Simplistically, synergy is when a combination of drugs acts with greater effect combined ‘than expected’ from their individual effects. Usually, synergy models define what they would expect a no-synergy case (the null or reference), and then see how much the observed deviations vary from that.
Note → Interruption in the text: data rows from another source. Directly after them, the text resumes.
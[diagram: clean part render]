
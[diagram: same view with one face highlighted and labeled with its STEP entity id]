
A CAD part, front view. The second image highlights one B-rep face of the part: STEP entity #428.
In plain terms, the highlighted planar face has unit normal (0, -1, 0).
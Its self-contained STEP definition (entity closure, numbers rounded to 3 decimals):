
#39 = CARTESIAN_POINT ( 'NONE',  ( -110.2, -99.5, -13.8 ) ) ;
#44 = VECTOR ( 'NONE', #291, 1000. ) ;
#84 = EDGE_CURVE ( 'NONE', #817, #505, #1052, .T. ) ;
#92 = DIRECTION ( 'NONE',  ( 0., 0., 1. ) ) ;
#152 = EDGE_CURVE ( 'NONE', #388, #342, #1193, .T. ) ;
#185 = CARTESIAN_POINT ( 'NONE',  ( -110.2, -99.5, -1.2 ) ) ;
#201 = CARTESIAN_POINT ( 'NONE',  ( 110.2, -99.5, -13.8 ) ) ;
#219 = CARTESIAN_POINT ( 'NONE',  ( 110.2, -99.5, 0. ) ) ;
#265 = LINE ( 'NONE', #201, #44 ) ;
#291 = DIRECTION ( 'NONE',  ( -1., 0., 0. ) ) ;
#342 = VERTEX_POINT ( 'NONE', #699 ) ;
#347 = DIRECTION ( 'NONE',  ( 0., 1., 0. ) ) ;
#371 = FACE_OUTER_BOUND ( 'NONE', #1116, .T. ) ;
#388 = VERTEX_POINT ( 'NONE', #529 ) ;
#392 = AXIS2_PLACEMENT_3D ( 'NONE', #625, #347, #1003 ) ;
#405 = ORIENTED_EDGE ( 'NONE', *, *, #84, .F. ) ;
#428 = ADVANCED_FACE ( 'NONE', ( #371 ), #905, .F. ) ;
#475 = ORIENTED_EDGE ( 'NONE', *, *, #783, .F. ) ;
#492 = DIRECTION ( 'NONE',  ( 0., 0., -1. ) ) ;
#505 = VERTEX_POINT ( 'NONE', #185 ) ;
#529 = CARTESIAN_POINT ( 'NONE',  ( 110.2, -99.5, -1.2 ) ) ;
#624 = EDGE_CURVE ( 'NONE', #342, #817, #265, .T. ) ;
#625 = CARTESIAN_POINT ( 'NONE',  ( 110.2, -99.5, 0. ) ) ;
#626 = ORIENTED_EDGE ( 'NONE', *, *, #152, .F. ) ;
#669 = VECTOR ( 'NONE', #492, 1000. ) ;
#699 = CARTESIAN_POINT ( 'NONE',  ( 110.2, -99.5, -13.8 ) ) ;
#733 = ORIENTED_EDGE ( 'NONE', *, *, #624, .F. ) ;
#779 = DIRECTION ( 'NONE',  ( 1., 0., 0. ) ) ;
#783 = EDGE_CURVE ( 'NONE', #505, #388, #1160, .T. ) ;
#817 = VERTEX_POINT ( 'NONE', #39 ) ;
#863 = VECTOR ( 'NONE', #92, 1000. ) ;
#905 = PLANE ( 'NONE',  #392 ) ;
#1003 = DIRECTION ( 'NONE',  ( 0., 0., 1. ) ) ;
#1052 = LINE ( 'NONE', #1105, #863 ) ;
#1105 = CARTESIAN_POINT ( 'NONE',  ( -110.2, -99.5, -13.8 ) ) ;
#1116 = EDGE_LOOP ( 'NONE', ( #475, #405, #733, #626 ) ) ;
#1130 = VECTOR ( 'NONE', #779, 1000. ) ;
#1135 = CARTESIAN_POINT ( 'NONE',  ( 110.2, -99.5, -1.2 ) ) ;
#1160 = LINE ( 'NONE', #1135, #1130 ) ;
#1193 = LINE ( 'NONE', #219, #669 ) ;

Xynergy provides several synergy models - Bliss independence, highest single agent (HSA), Loewe additivity, and zero interaction potency (ZIP). Generally, the best way to calculate synergy is with the add_synergy function:

from xynergy.synergy import add_synergy

with_synergy = add_synergy(
   final, ["dose_a", "dose_b"], "response", "experiment_id", ["bliss", "zip"]
)
# Too many columns to show comfortably here - here are the important ones
with_synergy[:, [8, 4, 9, 10, 13, 14]]

┌───────────────┬───────────┬────────┬────────┬───────────┬─────────┐
│ experiment_id ┆ response  ┆ dose_a ┆ dose_b ┆ bliss_syn ┆ zip_syn │
│ ---           ┆ ---       ┆ ---    ┆ ---    ┆ ---       ┆ ---     │
│ u32           ┆ f32       ┆ f64    ┆ f64    ┆ f32       ┆ f64     │
╞═══════════════╪═══════════╪════════╪════════╪═══════════╪═════════╡
│ 1             ┆ 0.0       ┆ 0.0    ┆ 0.0    ┆ 0.0       ┆ -0.02   │
│ 1             ┆ 0.0       ┆ 0.0    ┆ 0.0    ┆ 0.0       ┆ -0.02   │
│ 1             ┆ 0.0       ┆ 0.0    ┆ 0.0    ┆ 0.0       ┆ -0.02   │
│ 1             ┆ 0.0       ┆ 0.0    ┆ 0.0    ┆ 0.0       ┆ -0.02   │
│ 1             ┆ 0.0       ┆ 0.0    ┆ 0.0    ┆ 0.0       ┆ -0.02   │
│ …             ┆ …         ┆ …      ┆ …      ┆ …         ┆ …       │
│ 1             ┆ 99.989998 ┆ 1000.0 ┆ 1000.0 ┆ -0.0      ┆ -0.01   │
│ 1             ┆ 99.989998 ┆ 1000.0 ┆ 1000.0 ┆ 0.0       ┆ -0.01   │
│ 2             ┆ 99.989998 ┆ 1000.0 ┆ 1000.0 ┆ -0.0      ┆ -0.0    │
│ 2             ┆ 99.989998 ┆ 1000.0 ┆ 1000.0 ┆ -0.0      ┆ -0.0    │
│ 2             ┆ 99.989998 ┆ 1000.0 ┆ 1000.0 ┆ 0.0       ┆ -0.0    │
└───────────────┴───────────┴────────┴────────┴───────────┴─────────┘

We notice that a lot of these values are close to 0, implying that our combinations exhibit very little synergy (or antagonism). It’s much easier to see these when plotting - let’s plot the deviation from the zero-interaction potency reference model (zip_syn):

for i, group in with_synergy.group_by("experiment_id"):
    plot_response_landscape(
       group, ["dose_a", "dose_b"],
       response_col="zip_syn",
       scheme="redblue",
       color_min=-20,
       color_mid=0,
       color_max=20,
    ).save(f"{i[0]}_zip.png", ppi=800)

ZIP synergy landscape for each experiment#

You’ll note here that pretty much everything looks gray. There’s a good reason for this: I simulated these data to have 0 synergy under the Bliss independence model, and ZIP and Bliss are very similar. A smarter person would have created an example with an exciting synergy and antagonism that could be revealed through this process, but I am not that person.

Danger

You may want to calculate just the reference model landscape for a given experiment. Xynergy will enable you to do this with add_reference, but prefer add_synergy if that’s what you really want. For most but not all synergy models, subtracting the reference model from the observed responses will give you the same synergy score. However, ZIP does not do this and if you attempt to calculate synergy scores like this, you will get the wrong value.